Pathogens in frozen lasagna have been linked to human illness on at least one previous occasion, earlier this year.

"The owner of Mona Lisa pasta says his kitchen is not to blame for six central Virginia dinner guests coming down with salmonella. While he says he sold the frozen lasagna, it was not his kitchen that was responsible for cooking it to code.

"The customer has written instructions as to how to prepare the food, to bake at a certain temperature for a certain amount of time, and that’s a food-safe temperature.”

I wonder how thorough those label instructions on safe cooking really were.

Sure, most people will not follow food safety labels, as we’ve found out with our own experiments, but it’s up to food manufacturers to provide complete and accurate food safety labels. And encourage thermometer use. How else are people going to be encouraged to stick it in?
 
That’s Sorenne with great-grandma Lorraine (below).

From the we’ve never had a problem file: Salmonella in lasagna edition

NBC 29 reports that a group of central Virginia guests have Salmonellosis that appears to be linked to frozen lasagna from a popular pasta shop. In a classic blame game maneuver and "wha happened?" defense, the owner of Mona Lisa (the pasta shop) says that if his food is the source of the outbreak, it was likely customer error.

The owner of Mona Lisa pasta says his kitchen is not to blame for six central Virginia dinner guests coming down with salmonella. While he says he sold the frozen lasagna, it was not his kitchen that was responsible for cooking it to code.

Chef Jim Winecoff has been creating Italian dishes at his Mona Lisa Pasta Shop on Preston Avenue in Charlottesville for years. Winecoff said, “We’ve been here for eight years now providing lasagna, fresh pastas, sausage, ravioli, through the company.”

Winecoff is confident his kitchen is not to blame. Winecoff stated, “We’ve had no trouble whatsoever with our food in the past and I hope this is not a problem with our food. The customer has written instructions as to how to prepare the food, to bake at a certain temperature for a certain amount of time, and that’s a food-safe temperature.”

It’s early on in the investigation and not much information is available but the "we’ve been doing things this way for a while and never had a problem" optimistic attitude doesn’t do much to build trust.

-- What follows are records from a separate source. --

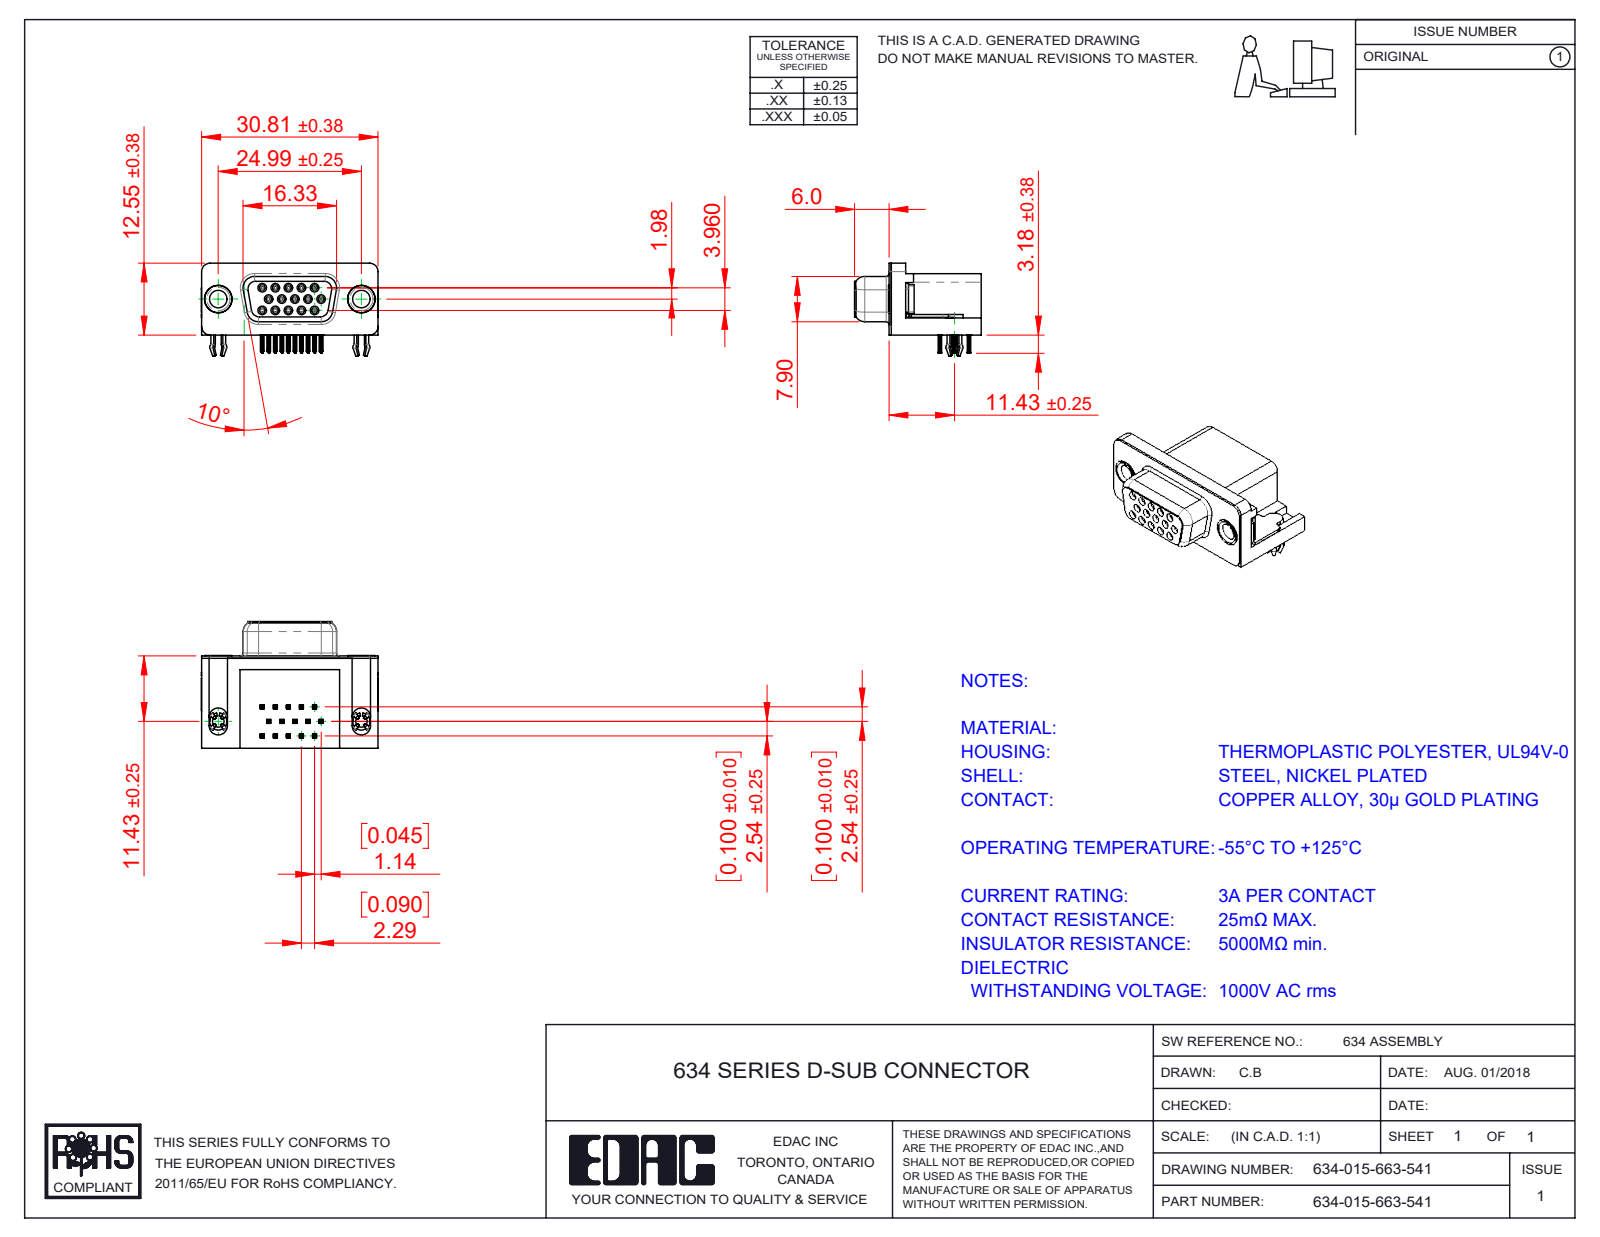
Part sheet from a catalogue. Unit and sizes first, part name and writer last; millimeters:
Units: millimetres
Overall size (bounding box): 30.89 × 22.1 × 16.25
Round holes (diameter × count): ⌀0.8 ×15, ⌀0.9 ×15, ⌀2 ×2, ⌀3.05 ×2, ⌀4 ×2, ⌀4.8 ×2, ⌀5 ×2
Round bosses / shafts (diameter × count): ⌀1.2 ×15, ⌀4.9 ×2, ⌀4.75 ×2, ⌀3.85 ×2, ⌀3 ×2
Partial cylindrical surfaces — rounded edges, fillets, slot ends (radius × count): R0.1 ×120, R0.15 ×60, R0.35 ×30, R1 ×19, R0.34 ×15, R0.25 ×12, R1.35 ×8, R1.6 ×8
Main face-to-face distances: 0.4, 10.35, 15.7, 16.1, 0.35, 2.5, 2.9, 6.4, 0.6, 10.7
Hole centre spacings: 2.29, 2.28, 3.96, 4.57, 6.05, 3.97, 4.58, 6.86
Volume: 4 551 mm³ · Surface area: 6 556 mm²
Bodies: 21 solids, 2501 faces (1108 planar, 587 cylindrical, 806 other)
Part name (STEP PRODUCT): Contact Bottom; 634 Shell; 634 Housing; Contact Top (+4 more)
STEP written by: SolidWorks 2016 (CONFIG_CONTROL_DESIGN)

Especially in an outbreak situation.

An operator with a good food safety culture knows about the microbial risks associated with their products and who might screw up, whether it is suppliers, staff or customers. Blaming the customers is never a good thing, especially if you happened to sell them something with a pathogen in it. Ask the ConAgra pot pie folks. Or the Nebraska Beef ground beef folks.

Telling a customer the time of baking and at what temperature misses the measurable risk reduction step — endpoint temperature. Food businesses selling this-needs-to-be-cooked items should be stating what temperature the dish needs to be cooked to and how the temperature needs to be measured.